What to produce => From the listing below, extract every line in which the word "under" appears.

The data =>
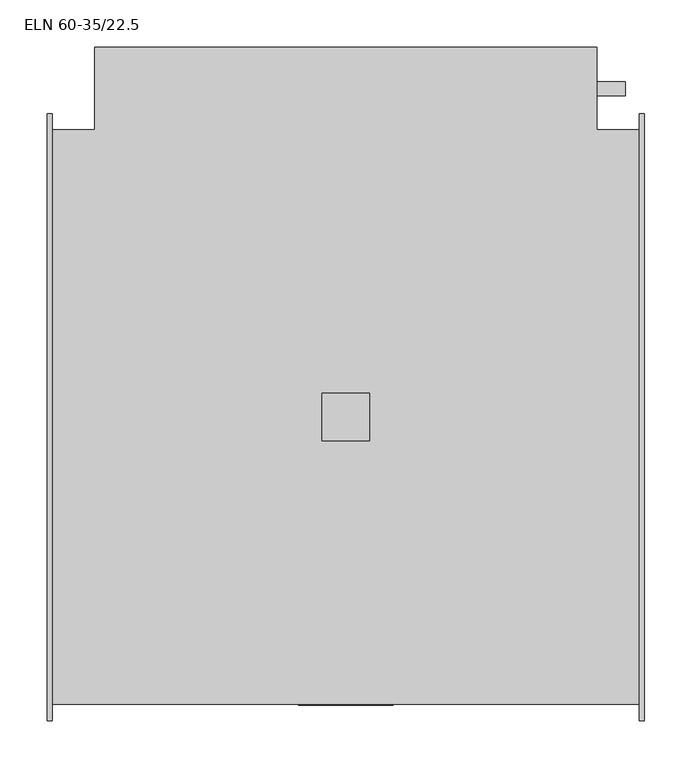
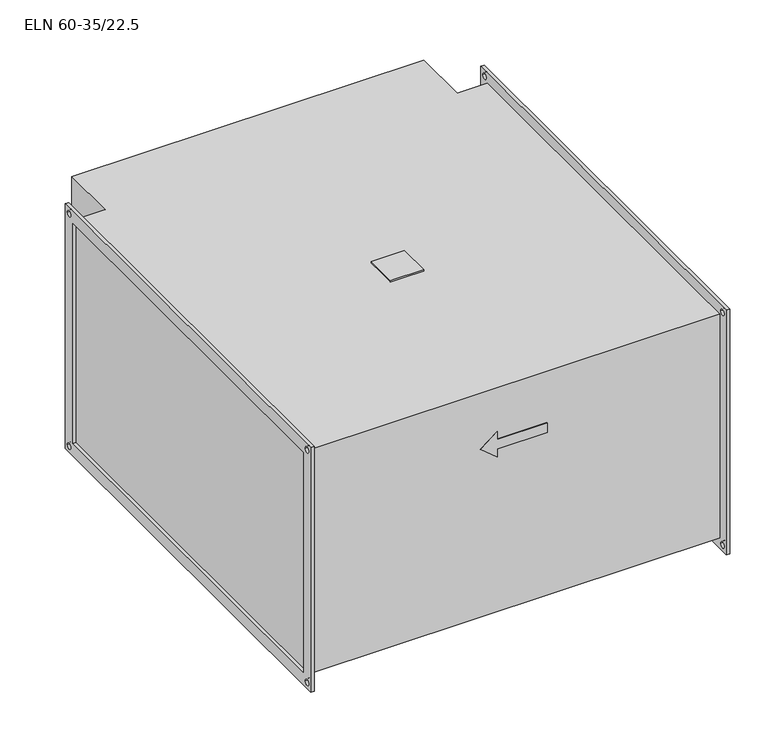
"""IFC4 building model written with IfcOpenShell, lengths in millimetres: proxy geometry, KORF_Нагреватель_Электрический_ELN : ELN 60-35/22.5."""

from ifc_helpers import new_model, si_unit, point, frame, frame_2d, origin, place, context, project, spatial, polyline, circle_curve, trimmed, segment, composite_curve, outline, extrude, source, transform, mapped, element, save


def eln_60_35_22_5_8175634e(model_context):
    return source(origin(), model_context, "Body", "SweptSolid", [
        extrude(outline(polyline([(290.0, -25.0), (290.0, 25.0), (340.0, 25.0), (340.0, -25.0), (290.0, -25.0)])), frame((0.0, 0.0, 178.0), z_axis=(0.0, 0.0, 1.0), x_axis=(1.0, 0.0, 0.0)), (0.0, 0.0, 1.0), 2.0),
        extrude(outline(composite_curve([segment(trimmed(circle_curve(frame_2d((346.5, -89.0)), 7.5), [point((339.0, -89.0))], [point((354.0, -89.0))], False, "CARTESIAN"), True, "CONTINUOUS"), segment(trimmed(circle_curve(frame_2d((346.5, -89.0)), 7.5), [point((354.0, -89.0))], [point((339.0, -89.0))], False, "CARTESIAN"), True, "CONTINUOUS")], self_intersect=False)), frame((580.0, 0.0, 0.0), z_axis=(1.0, 0.0, 0.0), x_axis=(0.0, 1.0, 0.0)), (0.0, 0.0, 1.0), 30.0),
        extrude(outline(composite_curve([segment(trimmed(circle_curve(frame_2d((346.5, -69.0)), 7.5), [point((339.0, -69.0))], [point((354.0, -69.0))], False, "CARTESIAN"), True, "CONTINUOUS"), segment(trimmed(circle_curve(frame_2d((346.5, -69.0)), 7.5), [point((354.0, -69.0))], [point((339.0, -69.0))], False, "CARTESIAN"), True, "CONTINUOUS")], self_intersect=False)), frame((580.0, 0.0, 0.0), z_axis=(1.0, 0.0, 0.0), x_axis=(0.0, 1.0, 0.0)), (0.0, 0.0, 1.0), 30.0),
        extrude(outline(composite_curve([segment(trimmed(circle_curve(frame_2d((346.5, -109.0)), 7.5), [point((339.0, -109.0))], [point((354.0, -109.0))], False, "CARTESIAN"), True, "CONTINUOUS"), segment(trimmed(circle_curve(frame_2d((346.5, -109.0)), 7.5), [point((354.0, -109.0))], [point((339.0, -109.0))], False, "CARTESIAN"), True, "CONTINUOUS")], self_intersect=False)), frame((580.0, 0.0, 0.0), z_axis=(1.0, 0.0, 0.0), x_axis=(0.0, 1.0, 0.0)), (0.0, 0.0, 1.0), 30.0),
        extrude(outline(polyline([(109.0, 290.0), (89.0, 265.0), (69.0, 290.0), (81.5, 290.0), (81.5, 365.0), (96.5, 365.0), (96.5, 290.0), (109.0, 290.0)])), frame((0.0, -304.0, 0.0), z_axis=(0.0, 1.0, 0.0), x_axis=(0.0, 0.0, 1.0)), (0.0, 0.0, 1.0), 1.0),
        extrude(outline(polyline([(625.0, 303.0), (625.0, -303.0), (5.0, -303.0), (5.0, 303.0), (50.0, 303.0), (50.0, 390.0), (580.0, 390.0), (580.0, 303.0), (625.0, 303.0)])), frame((0.0, 0.0, -178.0), z_axis=(0.0, 0.0, 1.0), x_axis=(1.0, 0.0, 0.0)), (0.0, 0.0, 1.0), 356.0),
        extrude(outline(polyline([(-320.0, 195.0), (320.0, 195.0), (320.0, -195.0), (-320.0, -195.0), (-320.0, 195.0)]), holes=[polyline([(-300.0, 175.0), (-300.0, -175.0), (300.0, -175.0), (300.0, 175.0), (-300.0, 175.0)]), composite_curve([segment(trimmed(circle_curve(frame_2d((310.0, 185.0)), 4.5), [point((305.5, 185.0))], [point((314.5, 185.0))], True, "CARTESIAN"), True, "CONTINUOUS"), segment(trimmed(circle_curve(frame_2d((310.0, 185.0)), 4.5), [point((314.5, 185.0))], [point((305.5, 185.0))], True, "CARTESIAN"), True, "CONTINUOUS")], self_intersect=False), composite_curve([segment(trimmed(circle_curve(frame_2d((-310.0, 185.0)), 4.5), [point((-314.5, 185.0))], [point((-305.5, 185.0))], True, "CARTESIAN"), True, "CONTINUOUS"), segment(trimmed(circle_curve(frame_2d((-310.0, 185.0)), 4.5), [point((-305.5, 185.0))], [point((-314.5, 185.0))], True, "CARTESIAN"), True, "CONTINUOUS")], self_intersect=False), composite_curve([segment(trimmed(circle_curve(frame_2d((-310.0, -185.0)), 4.5), [point((-314.5, -185.0))], [point((-305.5, -185.0))], True, "CARTESIAN"), True, "CONTINUOUS"), segment(trimmed(circle_curve(frame_2d((-310.0, -185.0)), 4.5), [point((-305.5, -185.0))], [point((-314.5, -185.0))], True, "CARTESIAN"), True, "CONTINUOUS")], self_intersect=False), composite_curve([segment(trimmed(circle_curve(frame_2d((310.0, -185.0)), 4.5), [point((305.5, -185.0))], [point((314.5, -185.0))], True, "CARTESIAN"), True, "CONTINUOUS"), segment(trimmed(circle_curve(frame_2d((310.0, -185.0)), 4.5), [point((314.5, -185.0))], [point((305.5, -185.0))], True, "CARTESIAN"), True, "CONTINUOUS")], self_intersect=False)]), frame((625.0, 0.0, 0.0), z_axis=(1.0, 0.0, 0.0), x_axis=(0.0, 1.0, 0.0)), (0.0, 0.0, 1.0), 5.0),
        extrude(outline(polyline([(-320.0, 195.0), (320.0, 195.0), (320.0, -195.0), (-320.0, -195.0), (-320.0, 195.0)]), holes=[polyline([(-300.0, 175.0), (-300.0, -175.0), (300.0, -175.0), (300.0, 175.0), (-300.0, 175.0)]), composite_curve([segment(trimmed(circle_curve(frame_2d((310.0, 185.0)), 4.5), [point((305.5, 185.0))], [point((314.5, 185.0))], True, "CARTESIAN"), True, "CONTINUOUS"), segment(trimmed(circle_curve(frame_2d((310.0, 185.0)), 4.5), [point((314.5, 185.0))], [point((305.5, 185.0))], True, "CARTESIAN"), True, "CONTINUOUS")], self_intersect=False), composite_curve([segment(trimmed(circle_curve(frame_2d((-310.0, 185.0)), 4.5), [point((-314.5, 185.0))], [point((-305.5, 185.0))], True, "CARTESIAN"), True, "CONTINUOUS"), segment(trimmed(circle_curve(frame_2d((-310.0, 185.0)), 4.5), [point((-305.5, 185.0))], [point((-314.5, 185.0))], True, "CARTESIAN"), True, "CONTINUOUS")], self_intersect=False), composite_curve([segment(trimmed(circle_curve(frame_2d((-310.0, -185.0)), 4.5), [point((-314.5, -185.0))], [point((-305.5, -185.0))], True, "CARTESIAN"), True, "CONTINUOUS"), segment(trimmed(circle_curve(frame_2d((-310.0, -185.0)), 4.5), [point((-305.5, -185.0))], [point((-314.5, -185.0))], True, "CARTESIAN"), True, "CONTINUOUS")], self_intersect=False), composite_curve([segment(trimmed(circle_curve(frame_2d((310.0, -185.0)), 4.5), [point((305.5, -185.0))], [point((314.5, -185.0))], True, "CARTESIAN"), True, "CONTINUOUS"), segment(trimmed(circle_curve(frame_2d((310.0, -185.0)), 4.5), [point((314.5, -185.0))], [point((305.5, -185.0))], True, "CARTESIAN"), True, "CONTINUOUS")], self_intersect=False)]), frame((0.0, 0.0, 0.0), z_axis=(1.0, 0.0, 0.0), x_axis=(0.0, 1.0, 0.0)), (0.0, 0.0, 1.0), 5.0),
    ])


if __name__ == "__main__":
    model = new_model("IFC4")
    model_context = context("Model", 3, world=origin())
    ifc_project = project(units=[si_unit("LENGTHUNIT", "METRE", prefix="MILLI")], contexts=[model_context])
    site = spatial("IfcSite", under=ifc_project)
    building = spatial("IfcBuilding", under=site)
    placement = place(None, origin())
    eln_60_35_22_5_shape = eln_60_35_22_5_8175634e(model_context)
    element("IfcBuildingElementProxy", 1, Name="KORF_Нагреватель_Электрический_ELN : ELN 60-35/22.5", ObjectType="KORF_Нагреватель_Электрический_ELN : ELN 60-35/22.5", at=placement, inside=building, context=model_context, shape_type="MappedRepresentation", body=[
        mapped(eln_60_35_22_5_shape, transform((0.0, 0.0, 0.0), x_axis=(1.0, 0.0, 0.0), y_axis=(0.0, 1.0, 0.0), z_axis=(0.0, 0.0, 1.0))),
    ])
    save(model, "model.ifc")

Task solution =>
    site = spatial("IfcSite", under=ifc_project)
    building = spatial("IfcBuilding", under=site)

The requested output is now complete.